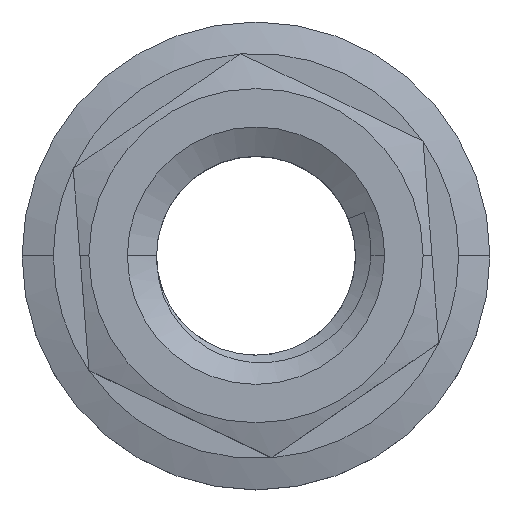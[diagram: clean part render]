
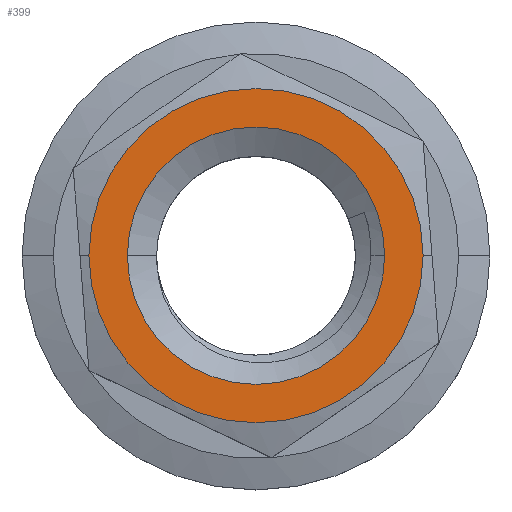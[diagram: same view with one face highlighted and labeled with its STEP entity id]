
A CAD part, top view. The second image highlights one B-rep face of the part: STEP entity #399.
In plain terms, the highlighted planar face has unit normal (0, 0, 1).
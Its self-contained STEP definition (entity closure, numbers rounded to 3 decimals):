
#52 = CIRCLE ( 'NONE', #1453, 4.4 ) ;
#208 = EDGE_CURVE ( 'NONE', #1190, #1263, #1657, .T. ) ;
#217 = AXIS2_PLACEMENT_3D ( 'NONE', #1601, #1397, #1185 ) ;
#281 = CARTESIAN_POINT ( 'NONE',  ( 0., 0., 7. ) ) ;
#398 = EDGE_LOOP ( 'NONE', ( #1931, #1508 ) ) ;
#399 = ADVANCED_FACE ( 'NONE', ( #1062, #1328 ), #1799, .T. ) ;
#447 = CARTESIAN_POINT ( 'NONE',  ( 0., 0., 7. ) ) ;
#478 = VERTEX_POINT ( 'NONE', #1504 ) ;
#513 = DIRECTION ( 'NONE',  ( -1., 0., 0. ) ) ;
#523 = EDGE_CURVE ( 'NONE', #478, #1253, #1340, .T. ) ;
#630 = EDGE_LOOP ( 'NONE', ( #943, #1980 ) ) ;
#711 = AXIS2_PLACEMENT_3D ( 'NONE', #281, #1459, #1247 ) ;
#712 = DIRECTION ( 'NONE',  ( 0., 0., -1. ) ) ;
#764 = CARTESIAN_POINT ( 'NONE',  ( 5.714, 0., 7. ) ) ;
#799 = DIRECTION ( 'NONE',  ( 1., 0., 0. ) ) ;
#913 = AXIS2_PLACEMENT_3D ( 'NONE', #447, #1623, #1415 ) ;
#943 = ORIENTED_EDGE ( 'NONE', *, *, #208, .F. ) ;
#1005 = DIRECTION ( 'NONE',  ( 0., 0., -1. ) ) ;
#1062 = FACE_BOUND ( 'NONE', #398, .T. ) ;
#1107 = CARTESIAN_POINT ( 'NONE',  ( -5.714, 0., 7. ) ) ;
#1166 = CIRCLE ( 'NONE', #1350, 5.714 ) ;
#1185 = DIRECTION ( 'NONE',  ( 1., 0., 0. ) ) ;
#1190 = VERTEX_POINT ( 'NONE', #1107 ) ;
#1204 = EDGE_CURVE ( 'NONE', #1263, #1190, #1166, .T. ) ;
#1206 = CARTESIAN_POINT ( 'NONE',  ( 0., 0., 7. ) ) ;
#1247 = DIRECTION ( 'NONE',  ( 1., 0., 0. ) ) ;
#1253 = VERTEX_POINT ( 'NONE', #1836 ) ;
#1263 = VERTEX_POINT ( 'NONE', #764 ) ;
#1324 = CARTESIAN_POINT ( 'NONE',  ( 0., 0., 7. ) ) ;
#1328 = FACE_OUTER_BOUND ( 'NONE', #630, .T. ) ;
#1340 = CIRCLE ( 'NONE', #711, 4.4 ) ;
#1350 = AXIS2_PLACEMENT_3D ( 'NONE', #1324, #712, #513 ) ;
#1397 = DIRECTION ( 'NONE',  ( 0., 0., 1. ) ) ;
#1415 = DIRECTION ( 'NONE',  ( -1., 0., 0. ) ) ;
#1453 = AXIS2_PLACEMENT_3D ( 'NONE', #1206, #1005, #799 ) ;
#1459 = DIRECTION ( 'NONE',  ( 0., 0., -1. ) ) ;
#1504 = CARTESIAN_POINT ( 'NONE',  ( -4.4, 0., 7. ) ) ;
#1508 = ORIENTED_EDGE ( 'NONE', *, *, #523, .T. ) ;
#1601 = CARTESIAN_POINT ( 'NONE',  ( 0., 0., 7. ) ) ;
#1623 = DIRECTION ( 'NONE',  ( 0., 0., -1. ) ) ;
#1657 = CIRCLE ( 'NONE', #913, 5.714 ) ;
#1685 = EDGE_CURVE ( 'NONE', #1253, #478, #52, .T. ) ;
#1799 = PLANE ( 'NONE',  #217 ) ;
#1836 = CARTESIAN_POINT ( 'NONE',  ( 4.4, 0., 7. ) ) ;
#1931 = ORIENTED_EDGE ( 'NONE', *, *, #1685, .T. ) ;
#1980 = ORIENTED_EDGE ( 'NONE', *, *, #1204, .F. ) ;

++++++++

**AIM OF THE TASK**
Take the lines from the start of the listing above through the line with "#712 = DIRECTION", both ends included, and copy them exactly, leaving the pictures behind.

**OUTPUT BELOW**
[diagram: clean part render]
[diagram: same view with one face highlighted and labeled with its STEP entity id]
A CAD part, top view. The second image highlights one B-rep face of the part: STEP entity #399.
In plain terms, the highlighted planar face has unit normal (0, 0, 1).
Its self-contained STEP definition (entity closure, numbers rounded to 3 decimals):
#52 = CIRCLE ( 'NONE', #1453, 4.4 ) ;
#208 = EDGE_CURVE ( 'NONE', #1190, #1263, #1657, .T. ) ;
#217 = AXIS2_PLACEMENT_3D ( 'NONE', #1601, #1397, #1185 ) ;
#281 = CARTESIAN_POINT ( 'NONE',  ( 0., 0., 7. ) ) ;
#398 = EDGE_LOOP ( 'NONE', ( #1931, #1508 ) ) ;
#399 = ADVANCED_FACE ( 'NONE', ( #1062, #1328 ), #1799, .T. ) ;
#447 = CARTESIAN_POINT ( 'NONE',  ( 0., 0., 7. ) ) ;
#478 = VERTEX_POINT ( 'NONE', #1504 ) ;
#513 = DIRECTION ( 'NONE',  ( -1., 0., 0. ) ) ;
#523 = EDGE_CURVE ( 'NONE', #478, #1253, #1340, .T. ) ;
#630 = EDGE_LOOP ( 'NONE', ( #943, #1980 ) ) ;
#711 = AXIS2_PLACEMENT_3D ( 'NONE', #281, #1459, #1247 ) ;
#712 = DIRECTION ( 'NONE',  ( 0., 0., -1. ) ) ;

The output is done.